=== INSTRUCTIONS FOR THE TASK ===
Write the records out again without change. Leave the pictures behind.

[GIVEN ENTRIES Boundary: Start]

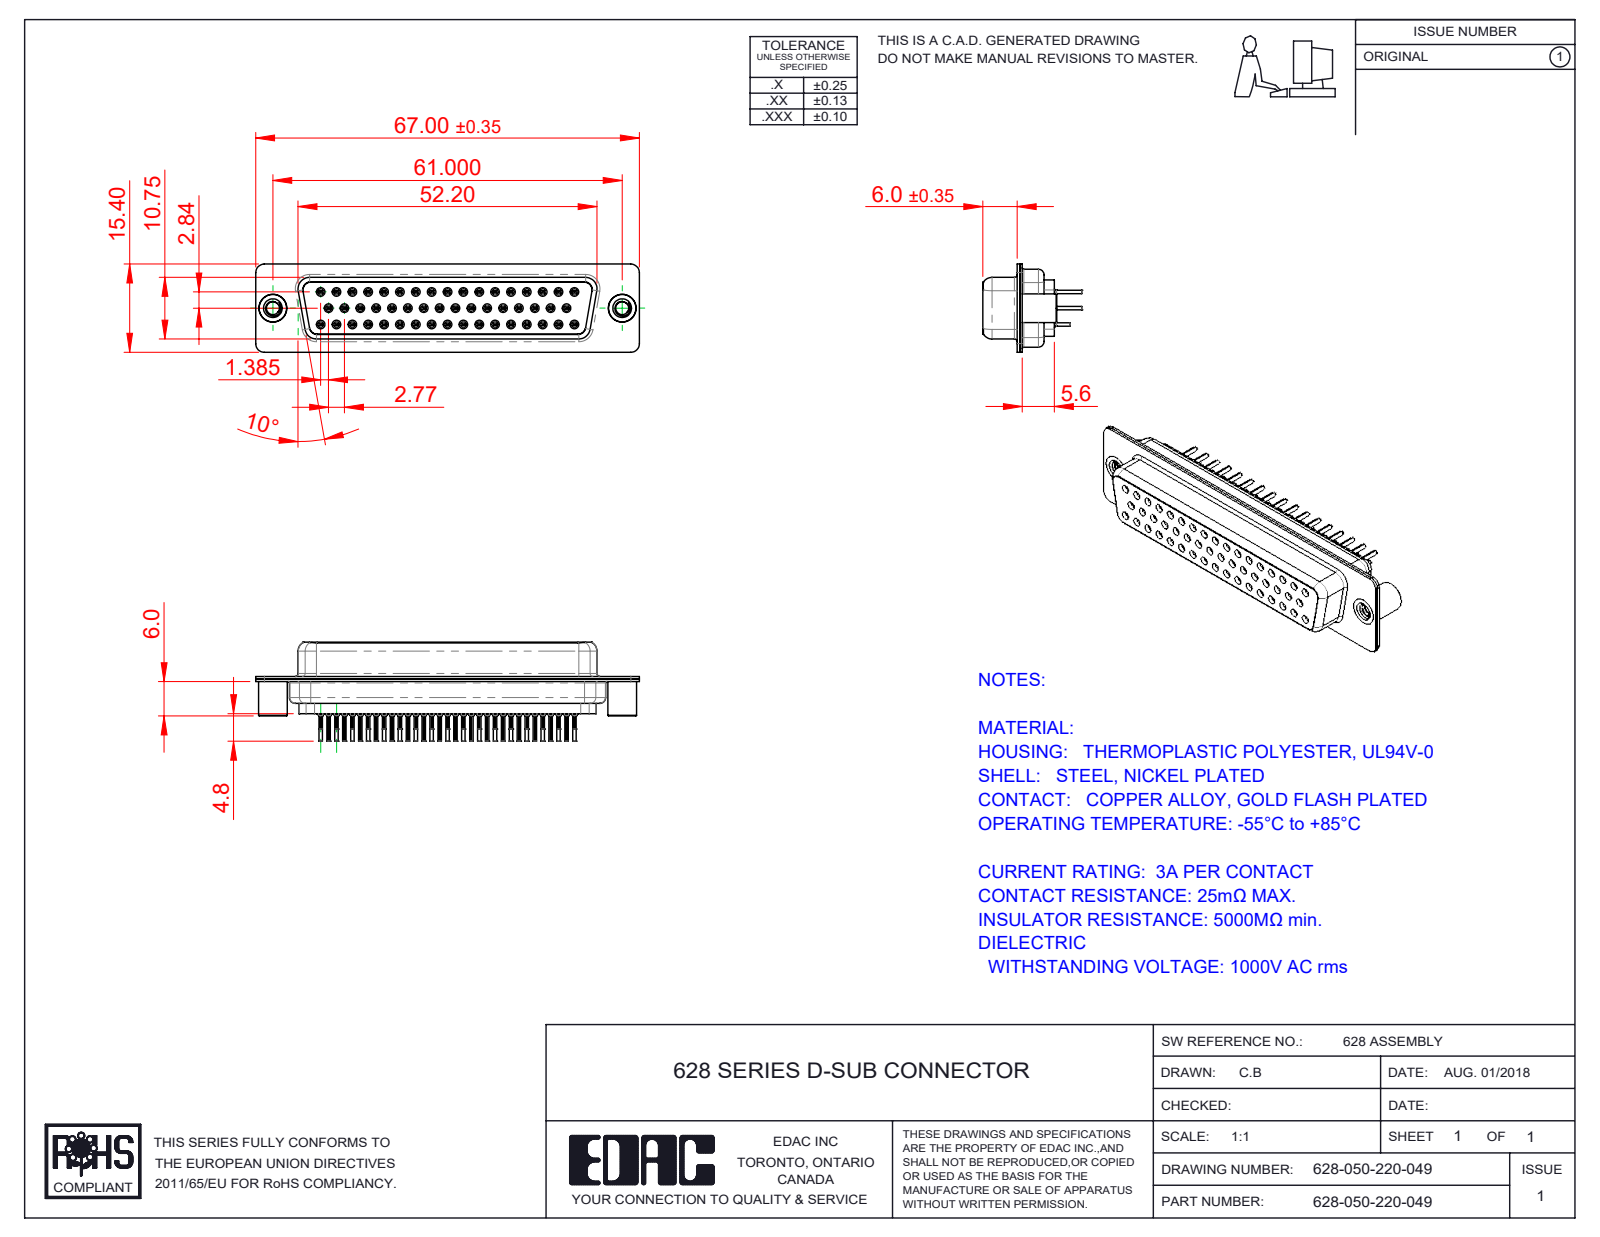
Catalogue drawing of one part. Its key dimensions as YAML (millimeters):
part_name: "628 Contact Row 3_20L; 628 Contact Row 1_20L; 628 4-40 Threaded Standoff BS; 628 Shell Front_50 Contacts (+4 more)"
step_written_by: "SolidWorks 2020 (CONFIG_CONTROL_DESIGN)"
units: millimeters
bodies: {solids: 55, faces: 6651, planar: 1617, cylindrical: 1807, other: 3227}
overall_size: [67, 17.3, 15.4]
volume: 6818
surface_area: 15466
round_holes:
  - {diameter: 0.2, count: 50}
  - {diameter: 0.8, count: 50}
  - {diameter: 0.9, count: 50}
  - {diameter: 1.1, count: 50}
  - {diameter: 1.6, count: 50}
  - {diameter: 1.7, count: 17}
  - {diameter: 2.26, count: 2}
  - {diameter: 4, count: 2}
  - {diameter: 4.05, count: 2}
  - {diameter: 4.85, count: 2}
round_bosses_or_shafts:
  - {diameter: 2, count: 50}
  - {diameter: 1.5, count: 50}
  - {diameter: 1.2, count: 50}
  - {diameter: 0.6, count: 50}
  - {diameter: 5, count: 2}
  - {diameter: 4.95, count: 2}
  - {diameter: 4.8, count: 2}
partial_cylinders:
  - {radius: 0.1, count: 100}
  - {radius: 0.28, count: 33}
  - {radius: 1.5, count: 16}
  - {radius: 2, count: 12}
  - {radius: 1.35, count: 8}
  - {radius: 0.25, count: 4}
  - {radius: 0.5, count: 4}
  - {radius: 0.6, count: 4}
face_to_face_distances: [0.45, 0.4, 11.33, 1.87, 10.3, 6.5, 0.9, 6.05, 6.45, 6]
hole_center_spacings: [3.16, 2.77, 5.54, 8.31, 11.08, 13.85, 16.62, 19.39]

[GIVEN ENTRIES Boundary: End]

=== ANSWER AREA ===
Catalogue drawing of one part. Its key dimensions as YAML (millimeters):
part_name: "628 Contact Row 3_20L; 628 Contact Row 1_20L; 628 4-40 Threaded Standoff BS; 628 Shell Front_50 Contacts (+4 more)"
step_written_by: "SolidWorks 2020 (CONFIG_CONTROL_DESIGN)"
units: millimeters
bodies: {solids: 55, faces: 6651, planar: 1617, cylindrical: 1807, other: 3227}
overall_size: [67, 17.3, 15.4]
volume: 6818
surface_area: 15466
round_holes:
  - {diameter: 0.2, count: 50}
  - {diameter: 0.8, count: 50}
  - {diameter: 0.9, count: 50}
  - {diameter: 1.1, count: 50}
  - {diameter: 1.6, count: 50}
  - {diameter: 1.7, count: 17}
  - {diameter: 2.26, count: 2}
  - {diameter: 4, count: 2}
  - {diameter: 4.05, count: 2}
  - {diameter: 4.85, count: 2}
round_bosses_or_shafts:
  - {diameter: 2, count: 50}
  - {diameter: 1.5, count: 50}
  - {diameter: 1.2, count: 50}
  - {diameter: 0.6, count: 50}
  - {diameter: 5, count: 2}
  - {diameter: 4.95, count: 2}
  - {diameter: 4.8, count: 2}
partial_cylinders:
  - {radius: 0.1, count: 100}
  - {radius: 0.28, count: 33}
  - {radius: 1.5, count: 16}
  - {radius: 2, count: 12}
  - {radius: 1.35, count: 8}
  - {radius: 0.25, count: 4}
  - {radius: 0.5, count: 4}
  - {radius: 0.6, count: 4}
face_to_face_distances: [0.45, 0.4, 11.33, 1.87, 10.3, 6.5, 0.9, 6.05, 6.45, 6]
hole_center_spacings: [3.16, 2.77, 5.54, 8.31, 11.08, 13.85, 16.62, 19.39]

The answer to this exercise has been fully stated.